* **Exercise requirements**
Your result should be every line of the records below that contains the word "Starter".
....
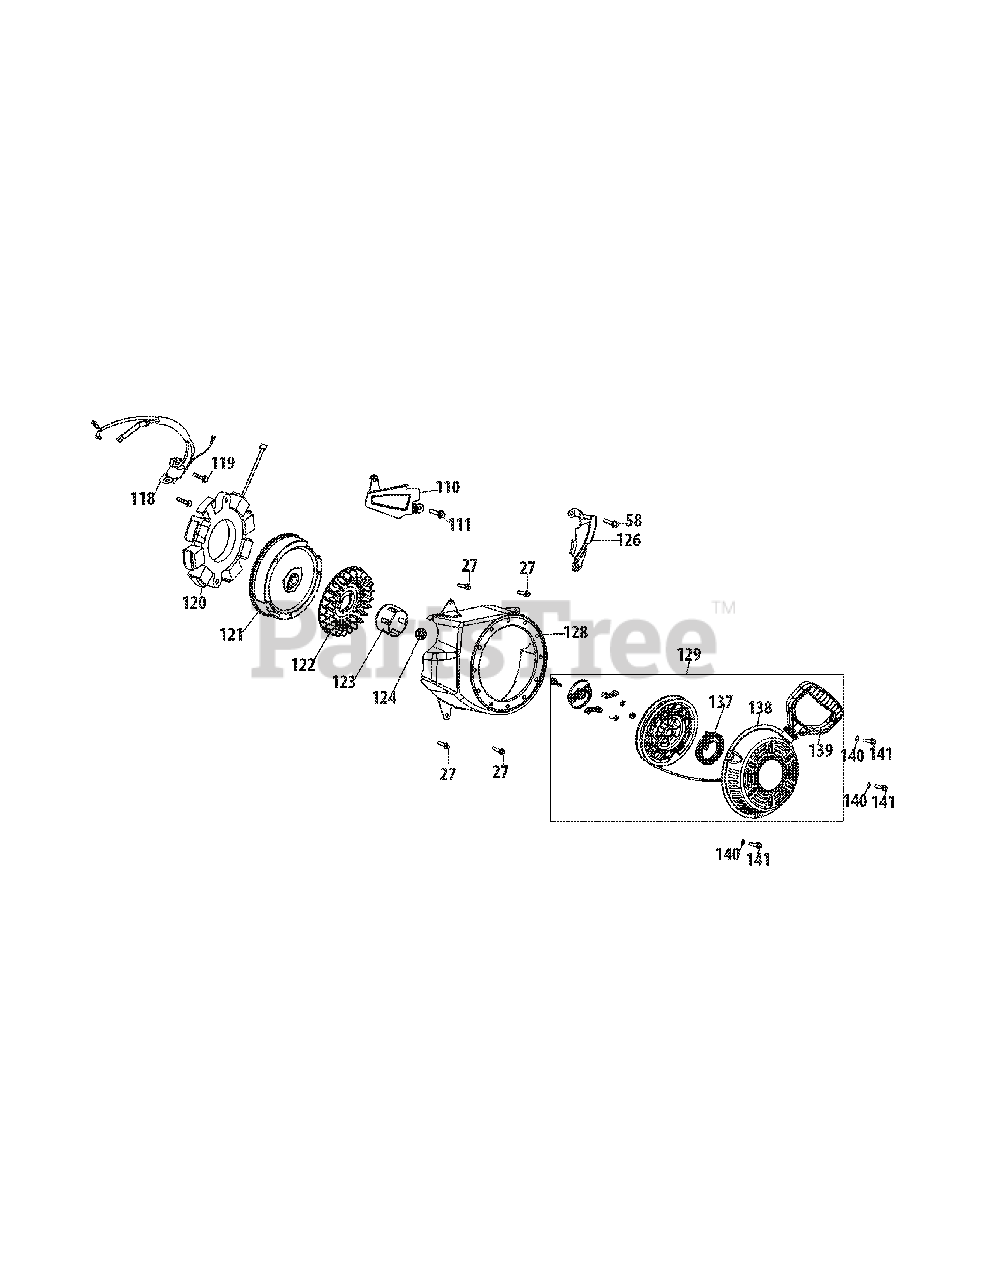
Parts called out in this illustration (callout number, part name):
27	Bolt, M6×12
58	Bolt, M6×12
110	Choke Plate
111	Bolt, M6×10
118	Ignition Module
119	Bolt, M6×25
120	Charging Coil
121	Flywheel
122	Cooling Fan
123	Starter Cup
124	Flange Nut M14×1.5
126	Lower Shield
128	Blower Housing
129	Recoil Starter
137	Recoil Spring
138	Starter Cover
139	Starter Handle
140	Washer, 6
141	Bolt M6×10
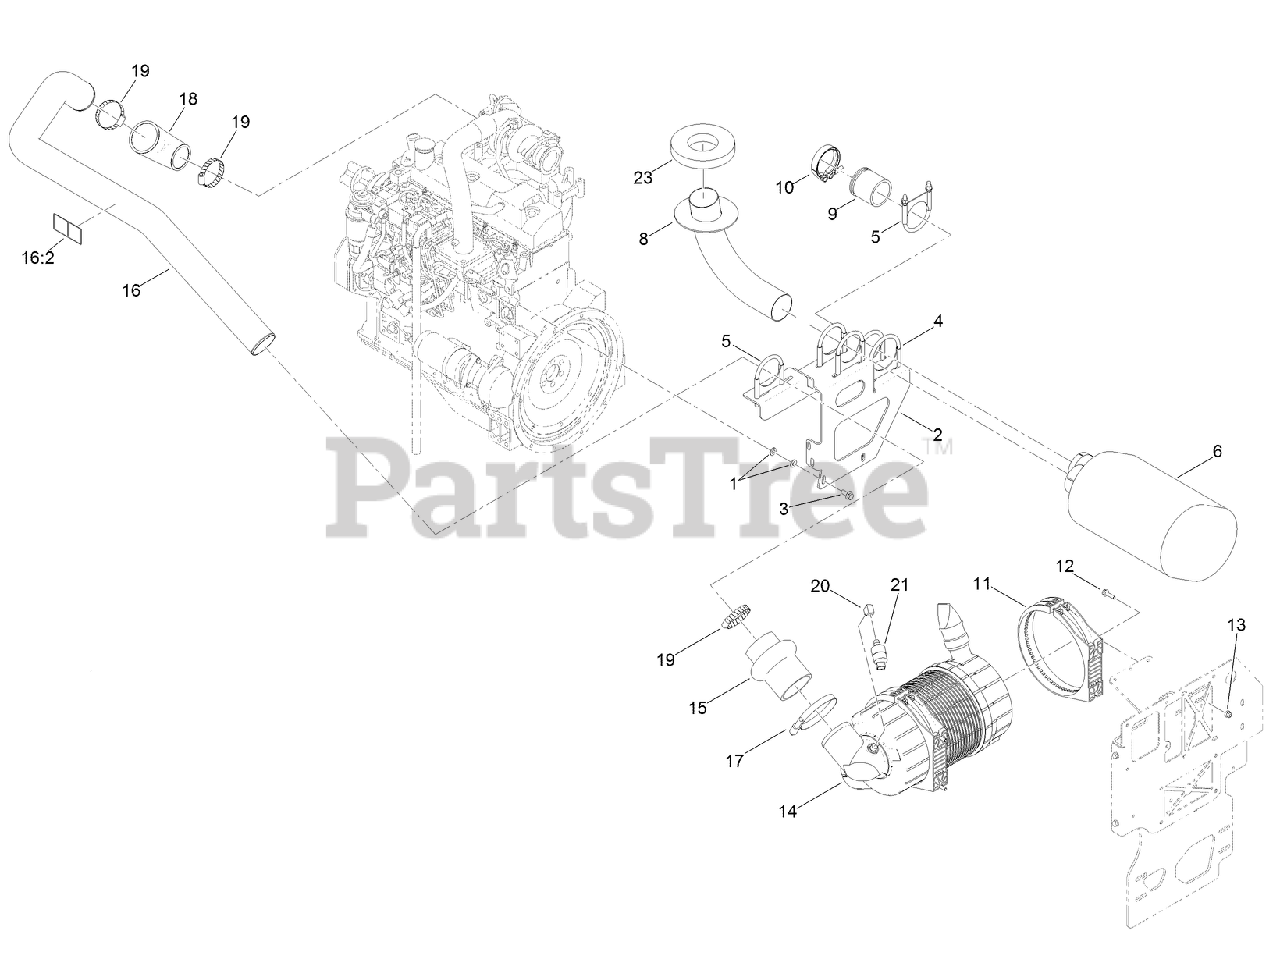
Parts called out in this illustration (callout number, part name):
1	WASHER-FLAT
2	BRACKET-MOUNT, MUFFLER
3	SCREW-HHF
4	CLAMP-GUILLOTINE
5	CLAMP-GUILLOTINE
6	MUFFLER
8	TUBE-EXHAUST (W/ SEAL PLATE)
9	FLANGE-ADAPTER, TURBO
11	BAND-MOUNTING, AIR CLEANER
12	SCREW-HHF
13	NUT-LOCK, HHF
14	AIR CLEANER ASM
15	REDUCER-HOSE
16	AIR INTAKE ASM
16:2	DECAL-WARNING, HOT SURFACE
17	CLAMP-TORQUE, CONSTANT
18	ELBOW-90 DEG
19	CLAMP-HOSE
20	FITTING-ELBOW, 90
21	SWITCH ASM
23	INSULATION
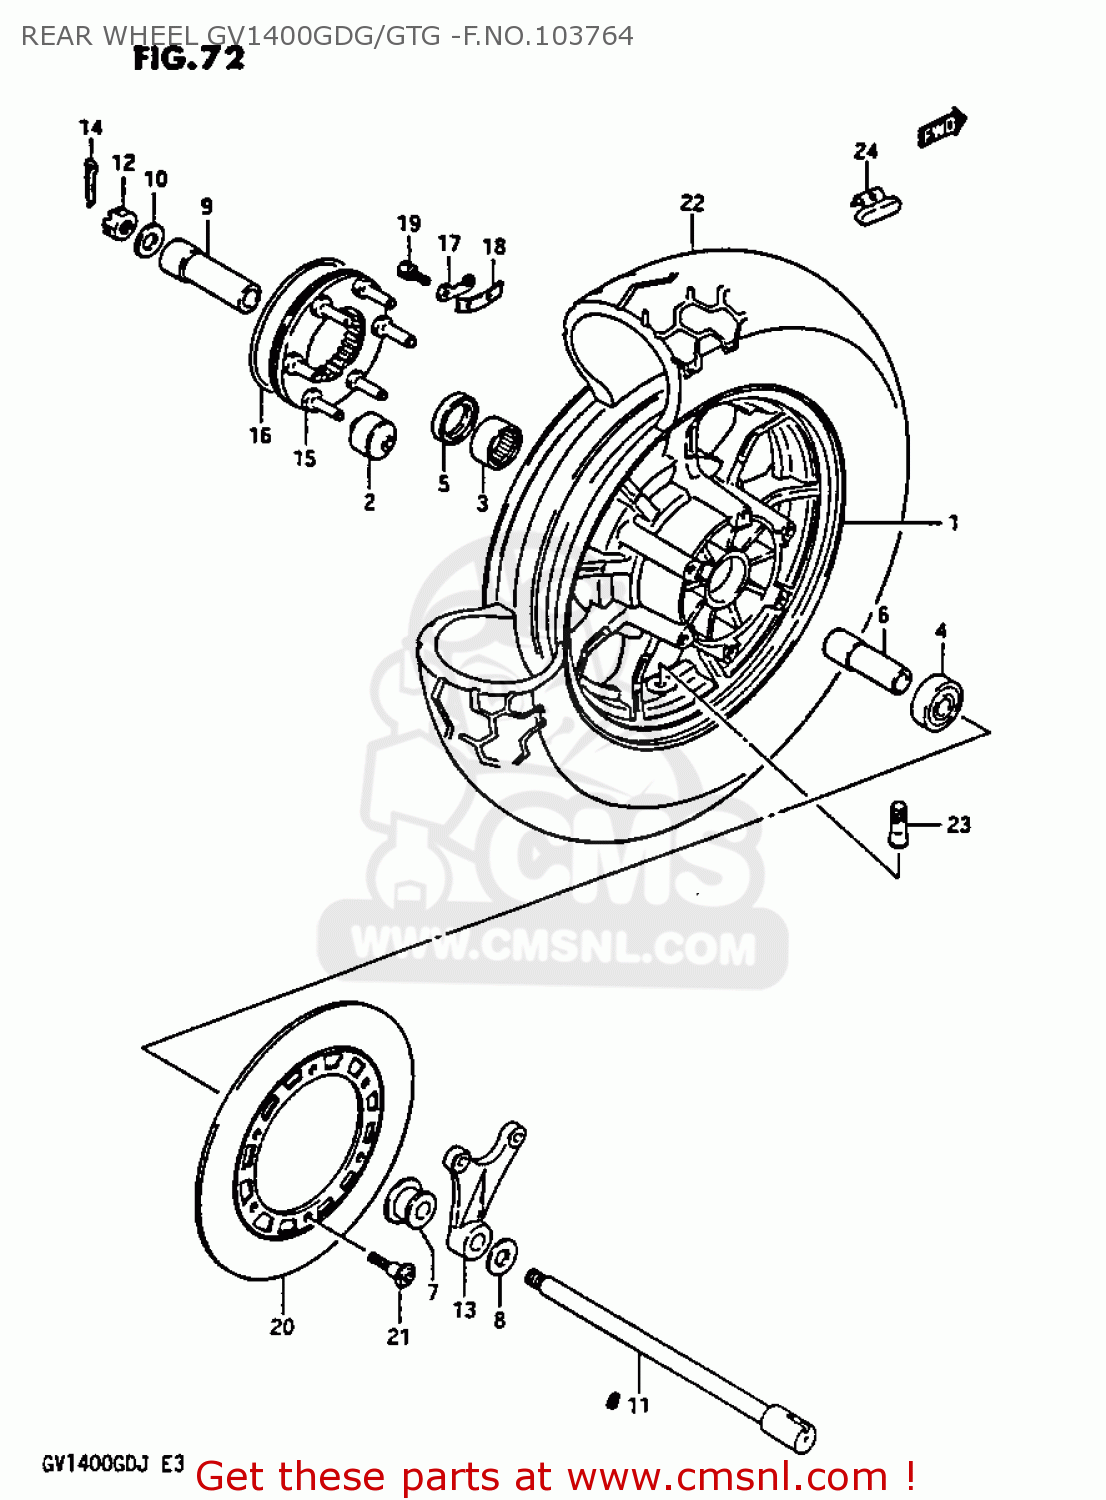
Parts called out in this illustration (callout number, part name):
1	WHEEL SET,REAR (3.50-15)
2	BUSH
3	ROLLER BEARING (30X37X2
4	BEARING
5	SEAL,OIL(30X44X7)
6	SPACER,REAR HUB BEARING
7	SPACER COMP,REAR AXLE
8	WASHER,REAR AXLE,RIGHT
9	SPACER,REAR AXLE,LEFT
10	WASHER,HUB
11	AXLE,REAR
12	NUT 18MM
13	BRACKET,REAR CALIPER
14	PIN,COTTER
15	JOINT ASSY,RR HUB DRIVEN
16	O RING(D:2.1,ID:65)
17	WASHER
18	WASHER,THRUST(T:1.6)
19	BOLT(6X16)
20	DISC,RR BRAKE
21	BOLT
22	TIRE 150/90-15 (T/L)
23	VALVE ASSY,WHEEL RIM(TR412)
24	BALANCER,WHEEL
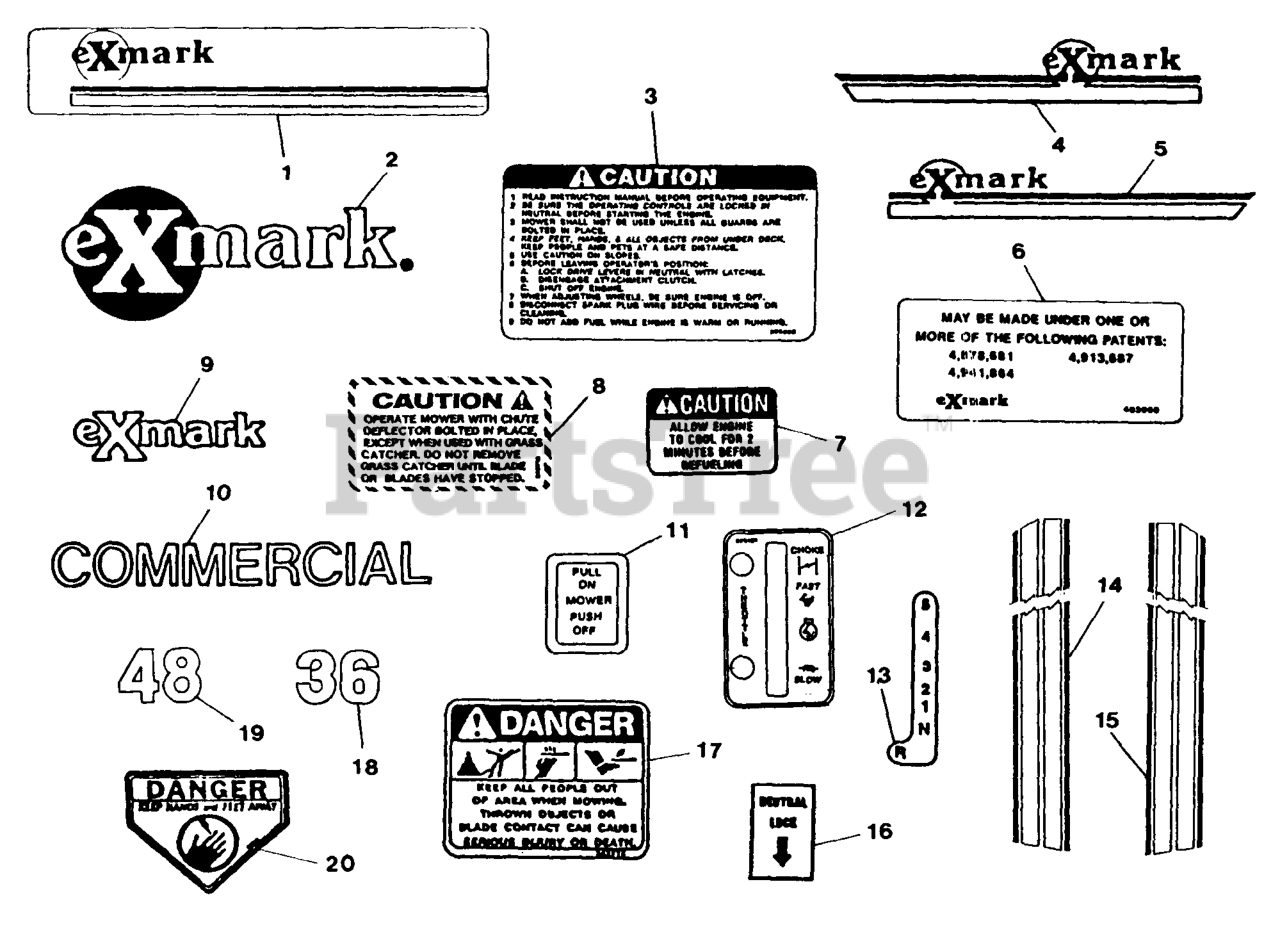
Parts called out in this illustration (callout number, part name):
3	LABEL,INSTRUCTION
16	DECAL,NEUTRAL LOCK
17	DECAL-DANGER
20	DECAL-DANGER
....
* **Exercise answer**
123	Starter Cup
129	Recoil Starter
138	Starter Cover
139	Starter Handle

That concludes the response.